Reproductive choices for women with HIV.
Access to reproductive health services for women with HIV is critical to ensuring their reproductive needs are addressed and their reproductive rights are protected. In addition, preventing unintended pregnancies in women with HIV is an essential component of a comprehensive prevention of mother-to-child transmission (PMTCT) programme. As a result, a call for stronger linkages between sexual and reproductive health and HIV policies, programmes and services has been issued by several international organizations. However, implementers of PMTCT and other HIV programmes have been constrained in translating these goals into practice. The obstacles include: (i) the narrow focus of current PMTCT programmes on treating HIV-positive women who are already pregnant; (ii) separate, parallel funding mechanisms for sexual and reproductive health and HIV programmes; (iii) political resistance from major HIV funders and policy-makers to include sexual and reproductive health as an important HIV programme component; and (iv) gaps in the evidence base regarding effective approaches for integrating sexual and reproductive health and HIV services. However, we now have a new opportunity to address these essential linkages. More supportive political views in the United States of America and the emergence of health systems strengthening as a priority global health initiative provide important springboards for advancing the agenda on linkages between sexual and reproductive health and HIV. By tapping into these platforms for advocating and by continuing to invest in research to identify integrated service delivery best practices, we have an opportunity to strengthen ties between the two synergistic fields.

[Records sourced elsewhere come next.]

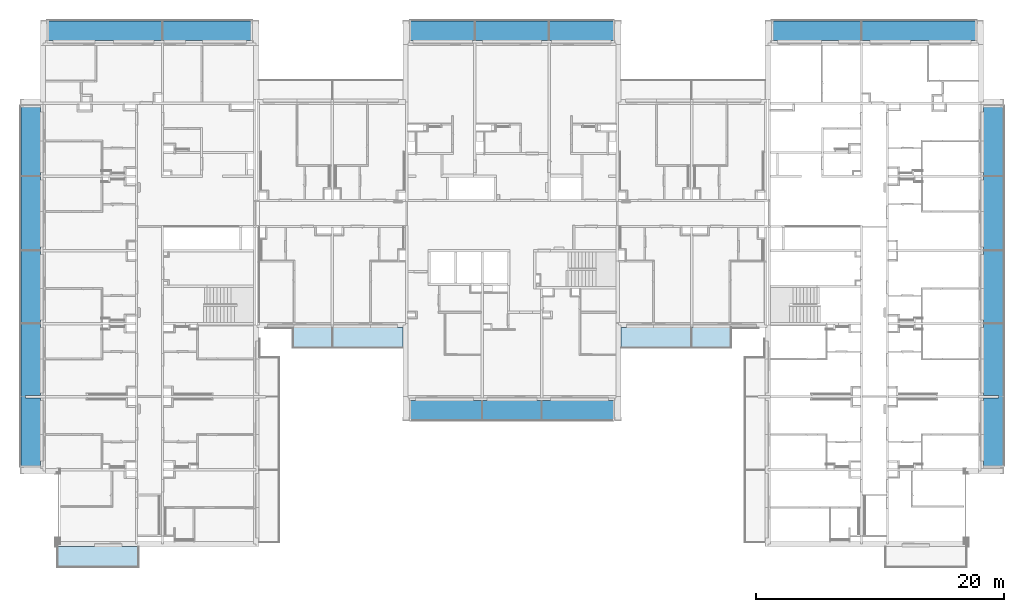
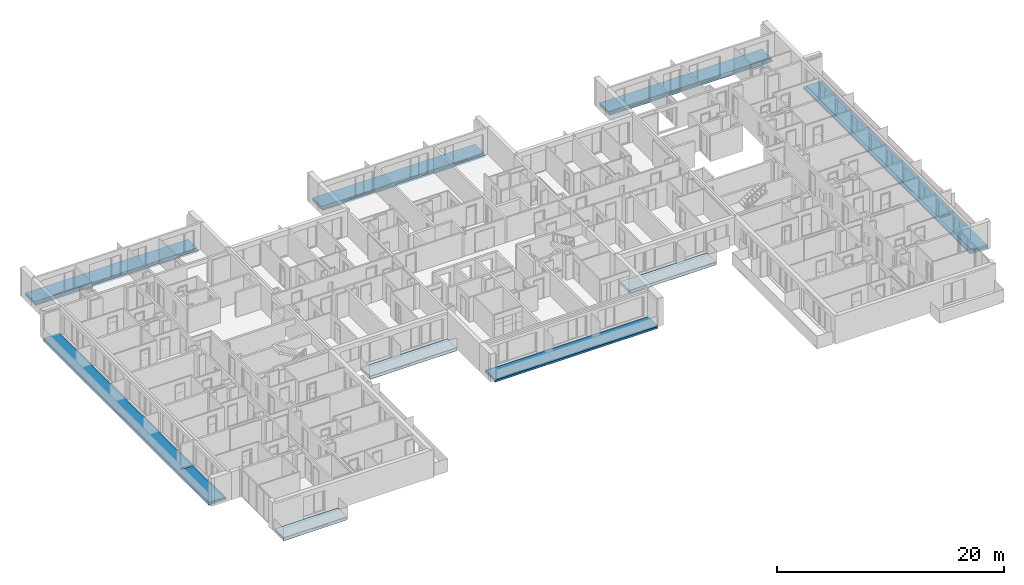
# One storey, part 1 of 66: 6 beams, 3 slabs.
"""IFC2X3 building model written with IfcOpenShell, lengths in millimetres."""

from ifc_helpers import new_model, entity, si_unit, converted_unit, derived_unit, money_unit, direction, frame, origin_with_axes, place, context, subcontext, project, spatial, faceted_brep, material, material_list, type_object, element, save


model = new_model("IFC2X3")

# Units and contexts
model_context = context("Model", 3, precision=0.01, world=origin_with_axes(), true_north=direction((0.34421633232, 0.938890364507)))
body_context = subcontext(model_context, "Body", "Model", "MODEL_VIEW")
ifc_project = project(units=[si_unit("LENGTHUNIT", "METRE", prefix="MILLI"), si_unit("AREAUNIT", "SQUARE_METRE"), si_unit("VOLUMEUNIT", "CUBIC_METRE"), converted_unit("PLANEANGLEUNIT", "DEGREE", entity("IfcPlaneAngleMeasure", 0.0174532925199), si_unit("PLANEANGLEUNIT", "RADIAN"), dimensions=[0, 0, 0, 0, 0, 0, 0]), si_unit("SOLIDANGLEUNIT", "STERADIAN"), money_unit("USD"), converted_unit("TIMEUNIT", "Year", entity("IfcTimeMeasure", 31556926.0), si_unit("TIMEUNIT", "SECOND"), dimensions=[0, 0, 1, 0, 0, 0, 0]), si_unit("MASSUNIT", "GRAM", prefix="KILO"), si_unit("THERMODYNAMICTEMPERATUREUNIT", "DEGREE_CELSIUS"), si_unit("LUMINOUSINTENSITYUNIT", "LUMEN"), si_unit("ENERGYUNIT", "JOULE", prefix="MEGA"), derived_unit("THERMALCONDUCTANCEUNIT", [(si_unit("POWERUNIT", "WATT"), 1), (si_unit("LENGTHUNIT", "METRE"), -1), (si_unit("THERMODYNAMICTEMPERATUREUNIT", "KELVIN"), -1)]), derived_unit("SPECIFICHEATCAPACITYUNIT", [(si_unit("ENERGYUNIT", "JOULE"), 1), (si_unit("MASSUNIT", "GRAM", prefix="KILO"), -1), (si_unit("THERMODYNAMICTEMPERATUREUNIT", "KELVIN"), -1)]), derived_unit("MASSDENSITYUNIT", [(si_unit("MASSUNIT", "GRAM", prefix="KILO"), 1), (si_unit("VOLUMEUNIT", "CUBIC_METRE"), -1)])], contexts=[model_context])

# Site, building, storey
site_placement = place(None, origin_with_axes())
site = spatial("IfcSite", under=ifc_project, at=site_placement, Name="USTRONIE MORSKIE", CompositionType="ELEMENT")
building_placement = place(site_placement, origin_with_axes())
building = spatial("IfcBuilding", under=site, at=building_placement, Name="Budynek", CompositionType="ELEMENT")
storey_placement = place(building_placement, frame((0.0, 0.0, 10000.0), z_axis=(0.0, 0.0, 1.0), x_axis=(1.0, 0.0, 0.0)))
storey = spatial("IfcBuildingStorey", under=building, at=storey_placement, Name="PIĘTRO 3", CompositionType="ELEMENT", Elevation=10000.0)

# Beams
ifc_material_1 = material(Name="Laminat")
ifc_material_2 = material(Name="Membrana przeciwwilgociowa")
ifc_material_3 = material(Name="Blacha ocynkowana")
ifc_material_4 = material(Name="Beton konstrukcyjny B25")
ifc_material_5 = material(Name="Płyty styropianowe twarde HIGH-PRIORITY")
ifc_material_list_1 = material_list([ifc_material_1, ifc_material_2, ifc_material_3, ifc_material_4, ifc_material_5])
beam_type = type_object("IfcBeamType", Name="USTR - balkon_02 1810 x 320", PredefinedType="NOTDEFINED")
beam_1_placement = place(storey_placement, frame((425357.789911, 749551.197031, -360.000001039), z_axis=(0.0, 0.0, 1.0), x_axis=(-9.14543761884e-06, 0.999999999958, 0.0)))
element("IfcBeam", 1, at=beam_1_placement, inside=storey, type_object=beam_type, material=ifc_material_list_1, Name="B1", context=body_context, shape_type="Brep", body=[
    faceted_brep([(1782.49979959, 16579.8526906, 214.999996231), (1782.49979959, 16579.8526906, 309.999996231), (1782.4997996, 0.0, 309.999996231), (1782.4997996, 0.0, 214.999996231), (214.999892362, 16579.867026, 309.999996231), (1757.49989236, 16579.8529192, 214.999996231), (1757.49989236, 16579.8529192, 284.999996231), (214.999892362, 16579.867026, 284.999996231), (214.999892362, 0.0, 309.999996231), (214.999892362, 0.0, 284.999996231), (1757.49989236, 0.0, 284.999996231), (1757.49989236, 0.0, 214.999996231)], [[[0, 1, 2, 3]], [[4, 1, 0, 5, 6, 7]], [[1, 4, 8, 2]], [[3, 2, 8, 9, 10, 11]], [[5, 0, 3, 11]], [[6, 5, 11, 10]], [[7, 6, 10, 9]], [[4, 7, 9, 8]]]),
    faceted_brep([(1799.99979832, 0.0, 209.999997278), (1799.99979832, 16580.0, 209.999997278), (199.999975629, 16580.0, 209.999997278), (199.999975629, 0.0, 209.999997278), (1799.99979832, 0.0, 200.000019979), (1799.99979832, 16580.0, 200.000019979), (199.999975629, 16580.0, 199.999995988), (199.999975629, 0.0, 199.999995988)], [[[0, 1, 2, 3]], [[4, 5, 1, 0]], [[2, 1, 5, 6]], [[3, 2, 6, 7]], [[4, 0, 3, 7]], [[7, 6, 5, 4]]]),
    faceted_brep([(1810.03048454, 0.0, 210.000001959), (1810.03048454, 16580.0, 210.000001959), (1799.99980792, 16580.0, 210.000001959), (1799.99980792, 0.0, 210.000001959), (1810.03048454, 0.0, -10.0000071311), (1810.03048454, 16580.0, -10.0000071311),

This ‘must read’ article cogently lays out the human rights and public health arguments for effective linkages and integration of HIV services with sexual and reproductive services। If you have not been convinced that contraceptive use should be an indicator of programmatic success for vertical transmission prevention programmes, you may think twice after reading this article about measuring only the ‘cascade’ which starts with the proportion of women accessing antenatal care services. Women living with HIV need sexual and reproductive health services when they do not wish to become pregnant, when they wish to become pregnant, when they are pregnant and wish to continue their pregnancy, and when they are pregnant and do not wish to continue their pregnancy. As the Convention on the Elimination of all Forms of Discrimination Against Women states: all women have the right ‘to decide freely and responsibly on the number and spacing of their children and to have access to the information, education, and means to enable them to exercise these rights’. A new wind is blowing and it is high time to make both vertical and integrated sexual and reproductive health services priority strategies as we aim to eliminate mother-to-child HIV transmission.